[Task directions] Read the lines below and count those that have the word "tisk". Respond with the number only.

[Data to process]
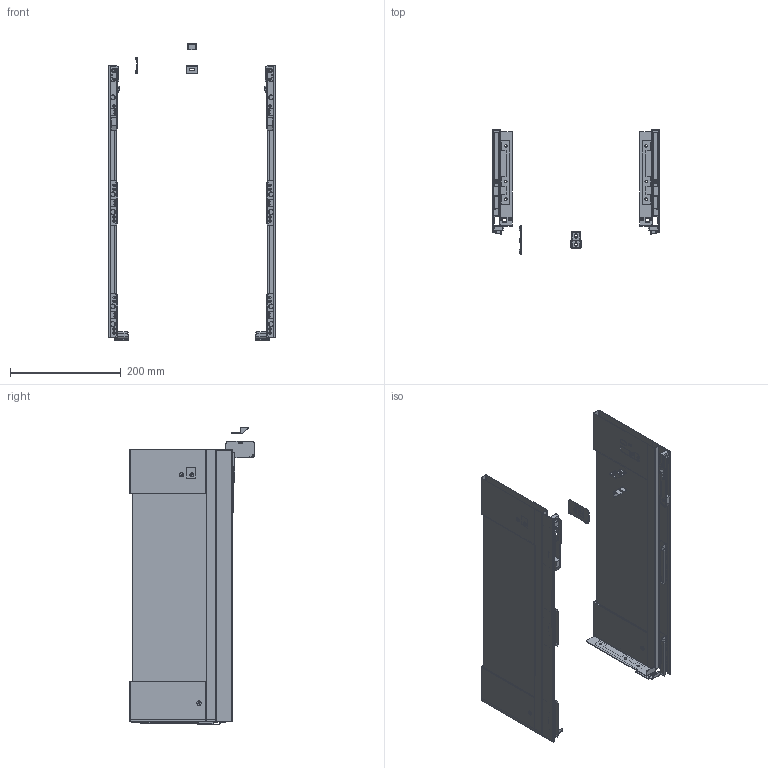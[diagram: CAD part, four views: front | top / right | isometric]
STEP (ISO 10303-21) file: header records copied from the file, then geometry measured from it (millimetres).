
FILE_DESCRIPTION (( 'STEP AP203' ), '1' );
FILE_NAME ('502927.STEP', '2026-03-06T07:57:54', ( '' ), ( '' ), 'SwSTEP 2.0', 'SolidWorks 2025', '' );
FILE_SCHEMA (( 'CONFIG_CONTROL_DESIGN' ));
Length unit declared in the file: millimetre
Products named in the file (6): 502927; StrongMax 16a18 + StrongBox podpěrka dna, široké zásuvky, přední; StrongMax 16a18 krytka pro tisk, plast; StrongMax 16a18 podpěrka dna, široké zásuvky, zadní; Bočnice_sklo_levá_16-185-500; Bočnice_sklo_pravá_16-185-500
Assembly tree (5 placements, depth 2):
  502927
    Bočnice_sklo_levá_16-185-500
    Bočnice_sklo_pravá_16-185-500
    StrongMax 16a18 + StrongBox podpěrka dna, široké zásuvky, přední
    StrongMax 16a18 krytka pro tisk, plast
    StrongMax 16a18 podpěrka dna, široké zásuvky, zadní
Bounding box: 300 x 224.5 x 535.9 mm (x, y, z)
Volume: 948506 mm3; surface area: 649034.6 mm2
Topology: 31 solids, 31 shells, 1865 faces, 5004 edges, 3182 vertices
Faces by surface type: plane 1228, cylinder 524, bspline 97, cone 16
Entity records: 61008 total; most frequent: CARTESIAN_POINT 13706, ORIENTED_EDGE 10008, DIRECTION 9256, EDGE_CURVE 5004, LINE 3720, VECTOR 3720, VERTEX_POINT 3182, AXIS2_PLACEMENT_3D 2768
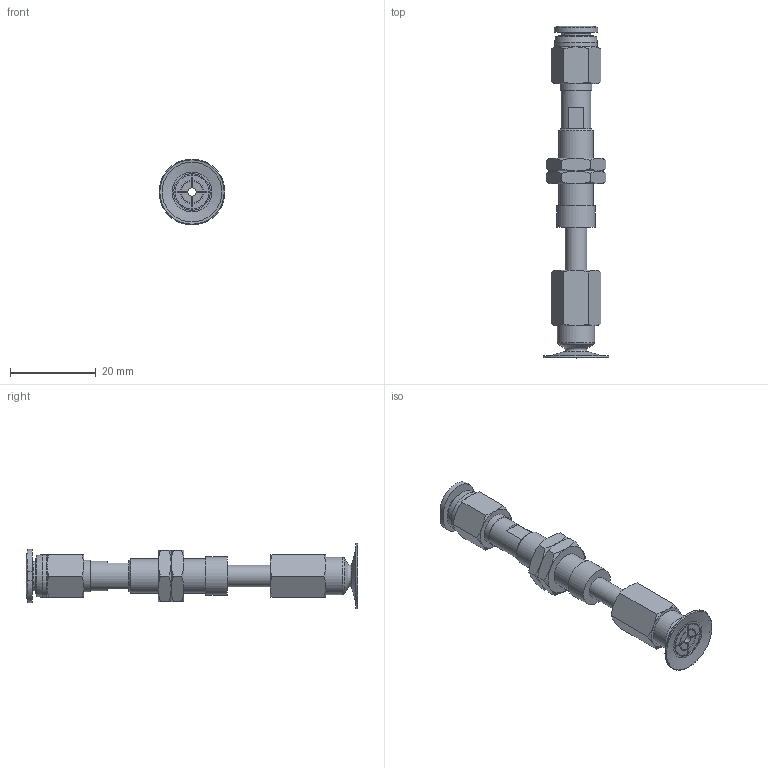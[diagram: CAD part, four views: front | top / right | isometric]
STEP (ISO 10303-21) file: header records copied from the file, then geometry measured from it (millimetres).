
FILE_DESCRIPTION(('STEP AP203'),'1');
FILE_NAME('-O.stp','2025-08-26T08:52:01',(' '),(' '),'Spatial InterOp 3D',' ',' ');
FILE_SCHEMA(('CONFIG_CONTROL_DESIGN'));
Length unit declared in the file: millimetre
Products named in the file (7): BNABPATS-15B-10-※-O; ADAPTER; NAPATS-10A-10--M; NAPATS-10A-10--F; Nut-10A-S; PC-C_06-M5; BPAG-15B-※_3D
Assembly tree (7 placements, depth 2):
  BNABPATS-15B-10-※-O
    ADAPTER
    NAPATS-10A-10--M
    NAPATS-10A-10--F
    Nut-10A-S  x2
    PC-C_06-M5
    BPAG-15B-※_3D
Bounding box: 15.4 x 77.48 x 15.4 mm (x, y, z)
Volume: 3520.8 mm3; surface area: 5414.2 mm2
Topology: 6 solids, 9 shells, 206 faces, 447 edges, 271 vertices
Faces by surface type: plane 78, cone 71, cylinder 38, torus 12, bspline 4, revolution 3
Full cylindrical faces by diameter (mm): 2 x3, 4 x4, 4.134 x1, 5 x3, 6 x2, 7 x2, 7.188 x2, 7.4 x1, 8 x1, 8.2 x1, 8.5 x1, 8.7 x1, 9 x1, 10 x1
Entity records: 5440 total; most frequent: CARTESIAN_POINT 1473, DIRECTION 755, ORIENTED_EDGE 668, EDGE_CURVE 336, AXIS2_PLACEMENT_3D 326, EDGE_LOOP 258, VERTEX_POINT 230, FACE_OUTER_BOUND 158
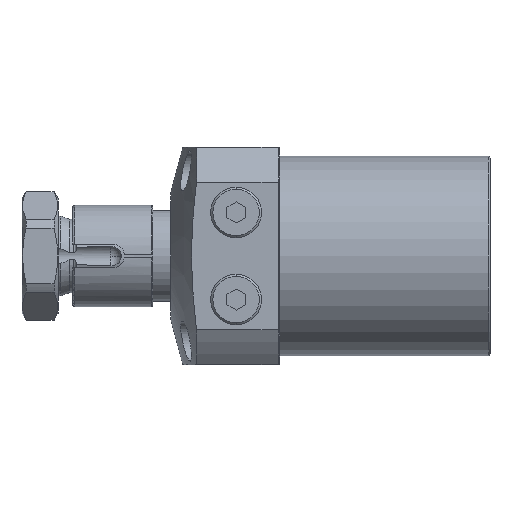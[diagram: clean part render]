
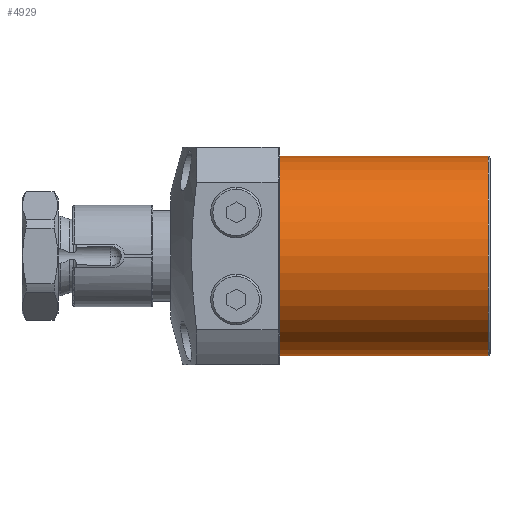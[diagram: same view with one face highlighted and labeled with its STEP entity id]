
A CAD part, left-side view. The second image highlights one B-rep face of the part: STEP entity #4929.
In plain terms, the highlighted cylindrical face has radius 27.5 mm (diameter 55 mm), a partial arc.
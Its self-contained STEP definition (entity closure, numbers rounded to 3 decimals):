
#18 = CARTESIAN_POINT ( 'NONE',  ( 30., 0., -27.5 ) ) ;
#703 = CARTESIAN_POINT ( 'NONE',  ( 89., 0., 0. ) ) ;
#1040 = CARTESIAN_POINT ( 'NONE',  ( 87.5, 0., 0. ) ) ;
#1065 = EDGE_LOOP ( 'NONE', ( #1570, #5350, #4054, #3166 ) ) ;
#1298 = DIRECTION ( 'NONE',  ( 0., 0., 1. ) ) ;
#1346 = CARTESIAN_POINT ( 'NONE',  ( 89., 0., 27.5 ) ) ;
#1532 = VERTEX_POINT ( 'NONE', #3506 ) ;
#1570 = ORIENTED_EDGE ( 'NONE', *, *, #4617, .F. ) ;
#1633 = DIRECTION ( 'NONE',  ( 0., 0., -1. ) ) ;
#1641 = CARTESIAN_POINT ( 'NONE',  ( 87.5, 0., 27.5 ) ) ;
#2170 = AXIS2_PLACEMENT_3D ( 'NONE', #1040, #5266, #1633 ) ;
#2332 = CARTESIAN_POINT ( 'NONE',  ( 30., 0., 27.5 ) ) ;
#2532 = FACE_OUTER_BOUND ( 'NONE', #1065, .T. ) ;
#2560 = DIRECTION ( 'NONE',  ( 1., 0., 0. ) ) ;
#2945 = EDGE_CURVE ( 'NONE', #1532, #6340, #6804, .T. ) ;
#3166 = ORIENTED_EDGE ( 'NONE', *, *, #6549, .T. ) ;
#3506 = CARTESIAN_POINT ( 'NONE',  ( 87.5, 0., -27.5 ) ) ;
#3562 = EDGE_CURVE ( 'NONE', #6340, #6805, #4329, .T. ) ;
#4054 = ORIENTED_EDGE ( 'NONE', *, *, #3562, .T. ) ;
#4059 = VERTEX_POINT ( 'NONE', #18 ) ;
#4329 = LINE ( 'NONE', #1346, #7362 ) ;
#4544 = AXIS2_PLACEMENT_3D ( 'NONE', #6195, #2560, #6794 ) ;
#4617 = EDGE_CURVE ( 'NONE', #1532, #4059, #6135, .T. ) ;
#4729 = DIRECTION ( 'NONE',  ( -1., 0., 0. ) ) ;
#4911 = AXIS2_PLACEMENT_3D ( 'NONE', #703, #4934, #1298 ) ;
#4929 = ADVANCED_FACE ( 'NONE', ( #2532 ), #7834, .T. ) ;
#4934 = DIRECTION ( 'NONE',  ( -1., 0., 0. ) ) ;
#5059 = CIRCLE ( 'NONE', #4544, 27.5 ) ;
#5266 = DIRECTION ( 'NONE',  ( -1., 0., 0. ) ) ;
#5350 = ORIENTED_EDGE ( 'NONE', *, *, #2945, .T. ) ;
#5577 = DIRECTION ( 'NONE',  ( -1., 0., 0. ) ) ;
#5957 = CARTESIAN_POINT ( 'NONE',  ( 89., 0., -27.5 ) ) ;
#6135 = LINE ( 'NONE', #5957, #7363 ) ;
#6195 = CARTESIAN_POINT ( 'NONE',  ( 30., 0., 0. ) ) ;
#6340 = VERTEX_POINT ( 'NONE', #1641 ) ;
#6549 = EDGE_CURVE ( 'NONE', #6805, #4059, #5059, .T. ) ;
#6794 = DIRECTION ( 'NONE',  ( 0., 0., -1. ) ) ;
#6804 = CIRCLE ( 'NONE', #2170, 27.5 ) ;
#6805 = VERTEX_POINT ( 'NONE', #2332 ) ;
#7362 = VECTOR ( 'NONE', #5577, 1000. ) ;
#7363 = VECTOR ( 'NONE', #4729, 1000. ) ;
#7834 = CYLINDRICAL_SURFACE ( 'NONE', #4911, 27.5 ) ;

[Response to this exercise] 2